Directions: In the entries that follow, the first line to write out is the one containing "#242 = AXIS2_PLACEMENT_3D", and the last is the one containing "#2105 = FACE_BOUND ( 'NONE', #340, .T. ) ;". Reproduce that stretch exactly, with nothing before or after it.

Records from a collection:
-- Opening Marker --

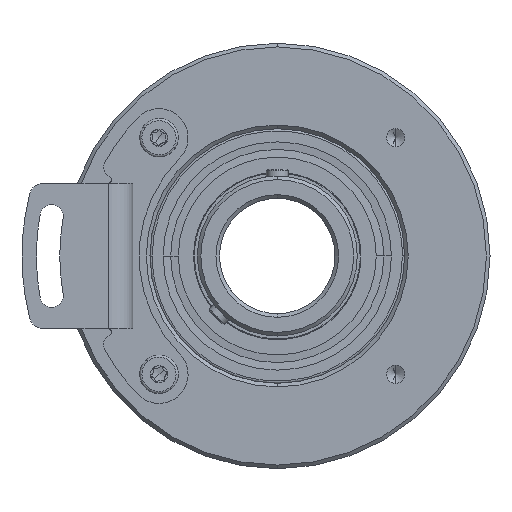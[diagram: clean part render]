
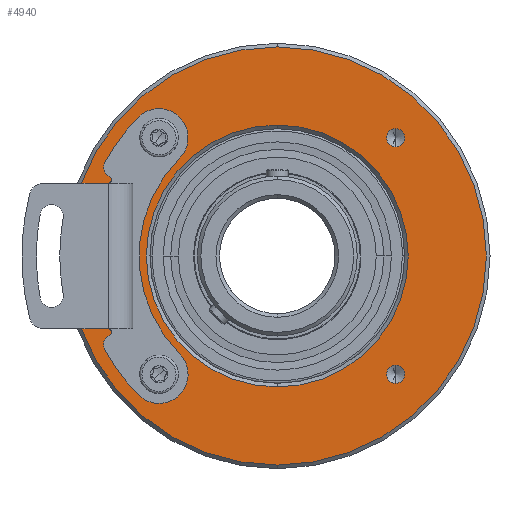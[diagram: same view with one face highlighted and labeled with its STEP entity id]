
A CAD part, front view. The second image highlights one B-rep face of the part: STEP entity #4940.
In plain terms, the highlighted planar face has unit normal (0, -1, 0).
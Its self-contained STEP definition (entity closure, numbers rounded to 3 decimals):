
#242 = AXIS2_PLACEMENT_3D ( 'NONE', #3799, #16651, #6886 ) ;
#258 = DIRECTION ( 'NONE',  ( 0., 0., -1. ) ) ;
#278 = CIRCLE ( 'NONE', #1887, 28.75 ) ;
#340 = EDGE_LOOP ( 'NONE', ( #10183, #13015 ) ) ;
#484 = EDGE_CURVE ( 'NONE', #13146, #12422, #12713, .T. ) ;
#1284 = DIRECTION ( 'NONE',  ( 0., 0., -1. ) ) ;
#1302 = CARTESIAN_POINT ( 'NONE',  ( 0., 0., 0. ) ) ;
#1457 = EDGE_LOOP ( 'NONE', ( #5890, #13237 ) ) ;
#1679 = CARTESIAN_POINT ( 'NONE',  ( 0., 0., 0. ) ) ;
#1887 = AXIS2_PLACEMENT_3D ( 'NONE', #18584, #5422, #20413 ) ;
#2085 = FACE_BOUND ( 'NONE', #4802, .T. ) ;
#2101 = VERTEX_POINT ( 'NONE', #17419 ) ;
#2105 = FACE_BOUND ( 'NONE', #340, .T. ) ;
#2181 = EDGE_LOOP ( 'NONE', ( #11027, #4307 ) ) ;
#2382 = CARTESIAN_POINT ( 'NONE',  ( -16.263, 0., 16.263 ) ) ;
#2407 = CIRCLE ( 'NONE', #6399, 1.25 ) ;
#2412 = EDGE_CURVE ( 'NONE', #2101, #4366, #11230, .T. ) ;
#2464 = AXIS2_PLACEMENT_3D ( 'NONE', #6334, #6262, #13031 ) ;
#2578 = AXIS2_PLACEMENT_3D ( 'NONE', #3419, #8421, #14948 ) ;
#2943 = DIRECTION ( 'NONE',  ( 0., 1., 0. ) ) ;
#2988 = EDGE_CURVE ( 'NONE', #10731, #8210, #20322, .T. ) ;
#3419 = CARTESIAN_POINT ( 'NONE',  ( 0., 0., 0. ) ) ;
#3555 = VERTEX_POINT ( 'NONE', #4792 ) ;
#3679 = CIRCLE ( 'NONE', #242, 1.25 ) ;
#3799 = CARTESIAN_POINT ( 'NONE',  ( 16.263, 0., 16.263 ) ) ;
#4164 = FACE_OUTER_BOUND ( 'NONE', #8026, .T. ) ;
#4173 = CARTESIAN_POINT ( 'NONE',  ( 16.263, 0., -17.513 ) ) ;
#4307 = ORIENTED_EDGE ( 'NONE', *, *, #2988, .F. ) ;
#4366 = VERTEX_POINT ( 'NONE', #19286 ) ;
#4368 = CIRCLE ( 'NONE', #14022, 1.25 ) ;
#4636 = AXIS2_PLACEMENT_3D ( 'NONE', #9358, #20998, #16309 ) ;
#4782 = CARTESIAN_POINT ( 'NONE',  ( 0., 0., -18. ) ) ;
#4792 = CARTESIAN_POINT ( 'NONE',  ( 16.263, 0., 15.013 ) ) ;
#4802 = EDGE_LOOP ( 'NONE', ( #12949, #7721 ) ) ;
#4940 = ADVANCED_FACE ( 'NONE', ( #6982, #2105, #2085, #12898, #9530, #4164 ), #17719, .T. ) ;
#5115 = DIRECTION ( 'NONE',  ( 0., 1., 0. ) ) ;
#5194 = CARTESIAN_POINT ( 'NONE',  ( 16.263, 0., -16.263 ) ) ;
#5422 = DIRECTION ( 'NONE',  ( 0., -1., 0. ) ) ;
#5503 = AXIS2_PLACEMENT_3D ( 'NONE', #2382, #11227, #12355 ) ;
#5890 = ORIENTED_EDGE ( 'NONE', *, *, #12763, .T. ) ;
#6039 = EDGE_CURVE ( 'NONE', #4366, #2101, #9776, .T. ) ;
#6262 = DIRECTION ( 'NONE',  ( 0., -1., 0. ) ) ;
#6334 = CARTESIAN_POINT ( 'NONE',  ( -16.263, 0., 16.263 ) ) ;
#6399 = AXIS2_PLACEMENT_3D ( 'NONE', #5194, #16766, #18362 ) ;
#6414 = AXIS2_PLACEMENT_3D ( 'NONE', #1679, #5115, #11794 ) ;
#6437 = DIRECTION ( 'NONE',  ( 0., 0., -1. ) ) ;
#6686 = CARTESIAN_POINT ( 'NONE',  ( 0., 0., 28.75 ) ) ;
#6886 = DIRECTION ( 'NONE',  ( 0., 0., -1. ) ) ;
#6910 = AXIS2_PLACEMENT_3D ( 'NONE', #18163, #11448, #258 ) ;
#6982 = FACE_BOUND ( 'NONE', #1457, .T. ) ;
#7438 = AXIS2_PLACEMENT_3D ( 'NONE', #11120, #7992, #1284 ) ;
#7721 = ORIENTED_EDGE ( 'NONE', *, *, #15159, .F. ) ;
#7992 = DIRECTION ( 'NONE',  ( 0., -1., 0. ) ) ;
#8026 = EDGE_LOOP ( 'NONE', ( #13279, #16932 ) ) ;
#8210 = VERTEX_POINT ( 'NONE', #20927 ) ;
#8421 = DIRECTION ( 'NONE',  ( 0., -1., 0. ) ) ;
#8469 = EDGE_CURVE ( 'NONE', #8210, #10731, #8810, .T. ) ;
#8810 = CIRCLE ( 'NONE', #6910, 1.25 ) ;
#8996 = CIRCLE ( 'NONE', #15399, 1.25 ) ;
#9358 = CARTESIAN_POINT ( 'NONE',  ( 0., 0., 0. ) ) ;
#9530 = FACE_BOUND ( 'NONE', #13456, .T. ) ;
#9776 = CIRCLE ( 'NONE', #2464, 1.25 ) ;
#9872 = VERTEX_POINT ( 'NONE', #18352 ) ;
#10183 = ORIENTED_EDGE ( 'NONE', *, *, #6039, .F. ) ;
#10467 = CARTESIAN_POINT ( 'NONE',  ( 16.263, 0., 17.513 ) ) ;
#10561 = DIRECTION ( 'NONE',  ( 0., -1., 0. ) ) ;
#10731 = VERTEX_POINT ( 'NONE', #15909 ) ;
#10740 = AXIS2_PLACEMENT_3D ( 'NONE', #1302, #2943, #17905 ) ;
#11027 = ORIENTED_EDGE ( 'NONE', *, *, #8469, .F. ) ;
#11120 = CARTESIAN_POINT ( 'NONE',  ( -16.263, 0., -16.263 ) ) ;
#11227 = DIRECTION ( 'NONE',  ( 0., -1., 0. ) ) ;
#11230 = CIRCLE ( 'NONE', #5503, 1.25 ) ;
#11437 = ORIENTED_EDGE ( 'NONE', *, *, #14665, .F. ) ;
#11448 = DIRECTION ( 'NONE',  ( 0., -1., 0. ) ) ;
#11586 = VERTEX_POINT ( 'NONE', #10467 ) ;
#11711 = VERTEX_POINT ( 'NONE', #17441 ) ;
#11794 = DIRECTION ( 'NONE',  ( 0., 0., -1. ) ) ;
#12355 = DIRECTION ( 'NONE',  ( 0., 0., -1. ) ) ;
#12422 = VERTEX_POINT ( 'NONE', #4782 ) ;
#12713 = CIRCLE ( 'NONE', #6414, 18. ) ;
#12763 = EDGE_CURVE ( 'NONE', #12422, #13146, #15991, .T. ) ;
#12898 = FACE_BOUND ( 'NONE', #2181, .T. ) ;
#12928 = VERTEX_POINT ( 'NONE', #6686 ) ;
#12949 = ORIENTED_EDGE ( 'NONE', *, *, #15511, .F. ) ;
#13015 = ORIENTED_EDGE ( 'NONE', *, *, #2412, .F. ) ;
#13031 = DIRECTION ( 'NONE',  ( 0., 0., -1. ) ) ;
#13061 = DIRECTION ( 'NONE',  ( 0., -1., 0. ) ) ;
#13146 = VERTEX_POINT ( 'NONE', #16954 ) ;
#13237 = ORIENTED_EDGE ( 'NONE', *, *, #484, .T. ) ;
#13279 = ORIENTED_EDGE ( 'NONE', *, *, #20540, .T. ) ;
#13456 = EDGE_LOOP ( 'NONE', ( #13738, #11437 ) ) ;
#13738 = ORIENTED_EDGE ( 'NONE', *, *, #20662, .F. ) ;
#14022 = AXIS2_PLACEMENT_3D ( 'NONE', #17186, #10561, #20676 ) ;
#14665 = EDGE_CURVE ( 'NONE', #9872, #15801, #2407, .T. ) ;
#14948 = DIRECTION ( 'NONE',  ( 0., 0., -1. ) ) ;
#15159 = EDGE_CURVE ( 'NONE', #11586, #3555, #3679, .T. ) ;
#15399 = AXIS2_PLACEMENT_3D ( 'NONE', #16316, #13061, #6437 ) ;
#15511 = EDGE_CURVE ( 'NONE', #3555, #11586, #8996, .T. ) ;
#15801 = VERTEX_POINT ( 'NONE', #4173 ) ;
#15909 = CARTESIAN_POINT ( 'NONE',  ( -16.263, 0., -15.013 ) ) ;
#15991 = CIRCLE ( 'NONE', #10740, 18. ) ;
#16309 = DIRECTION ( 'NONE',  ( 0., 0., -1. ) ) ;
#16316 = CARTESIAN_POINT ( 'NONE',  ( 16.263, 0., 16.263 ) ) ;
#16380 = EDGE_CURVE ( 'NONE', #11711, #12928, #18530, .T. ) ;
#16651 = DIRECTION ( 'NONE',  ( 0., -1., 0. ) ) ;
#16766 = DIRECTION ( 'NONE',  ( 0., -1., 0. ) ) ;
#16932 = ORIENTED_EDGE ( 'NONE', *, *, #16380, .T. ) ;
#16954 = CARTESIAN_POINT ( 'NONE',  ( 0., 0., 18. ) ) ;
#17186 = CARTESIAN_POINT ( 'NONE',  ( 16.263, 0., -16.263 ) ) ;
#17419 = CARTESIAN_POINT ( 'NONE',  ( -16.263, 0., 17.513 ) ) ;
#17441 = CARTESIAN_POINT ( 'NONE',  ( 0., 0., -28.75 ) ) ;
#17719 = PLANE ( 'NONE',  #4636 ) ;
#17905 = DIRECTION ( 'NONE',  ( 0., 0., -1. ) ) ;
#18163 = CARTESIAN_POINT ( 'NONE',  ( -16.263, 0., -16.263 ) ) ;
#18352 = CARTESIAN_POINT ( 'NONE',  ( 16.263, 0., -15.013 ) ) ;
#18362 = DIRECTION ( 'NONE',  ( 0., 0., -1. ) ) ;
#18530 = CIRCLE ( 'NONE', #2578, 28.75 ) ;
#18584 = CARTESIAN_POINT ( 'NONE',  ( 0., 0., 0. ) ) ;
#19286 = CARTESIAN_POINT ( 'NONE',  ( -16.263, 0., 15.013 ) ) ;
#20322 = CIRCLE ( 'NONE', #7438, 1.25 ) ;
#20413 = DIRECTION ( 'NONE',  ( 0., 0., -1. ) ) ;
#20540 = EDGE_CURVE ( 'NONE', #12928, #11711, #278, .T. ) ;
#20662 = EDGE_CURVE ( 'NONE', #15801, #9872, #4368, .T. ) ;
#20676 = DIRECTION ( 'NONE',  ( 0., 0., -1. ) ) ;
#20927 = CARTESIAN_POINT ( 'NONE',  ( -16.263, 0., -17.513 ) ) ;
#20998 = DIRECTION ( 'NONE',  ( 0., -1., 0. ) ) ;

-- Closing Marker --

Task result:
#242 = AXIS2_PLACEMENT_3D ( 'NONE', #3799, #16651, #6886 ) ;
#258 = DIRECTION ( 'NONE',  ( 0., 0., -1. ) ) ;
#278 = CIRCLE ( 'NONE', #1887, 28.75 ) ;
#340 = EDGE_LOOP ( 'NONE', ( #10183, #13015 ) ) ;
#484 = EDGE_CURVE ( 'NONE', #13146, #12422, #12713, .T. ) ;
#1284 = DIRECTION ( 'NONE',  ( 0., 0., -1. ) ) ;
#1302 = CARTESIAN_POINT ( 'NONE',  ( 0., 0., 0. ) ) ;
#1457 = EDGE_LOOP ( 'NONE', ( #5890, #13237 ) ) ;
#1679 = CARTESIAN_POINT ( 'NONE',  ( 0., 0., 0. ) ) ;
#1887 = AXIS2_PLACEMENT_3D ( 'NONE', #18584, #5422, #20413 ) ;
#2085 = FACE_BOUND ( 'NONE', #4802, .T. ) ;
#2101 = VERTEX_POINT ( 'NONE', #17419 ) ;
#2105 = FACE_BOUND ( 'NONE', #340, .T. ) ;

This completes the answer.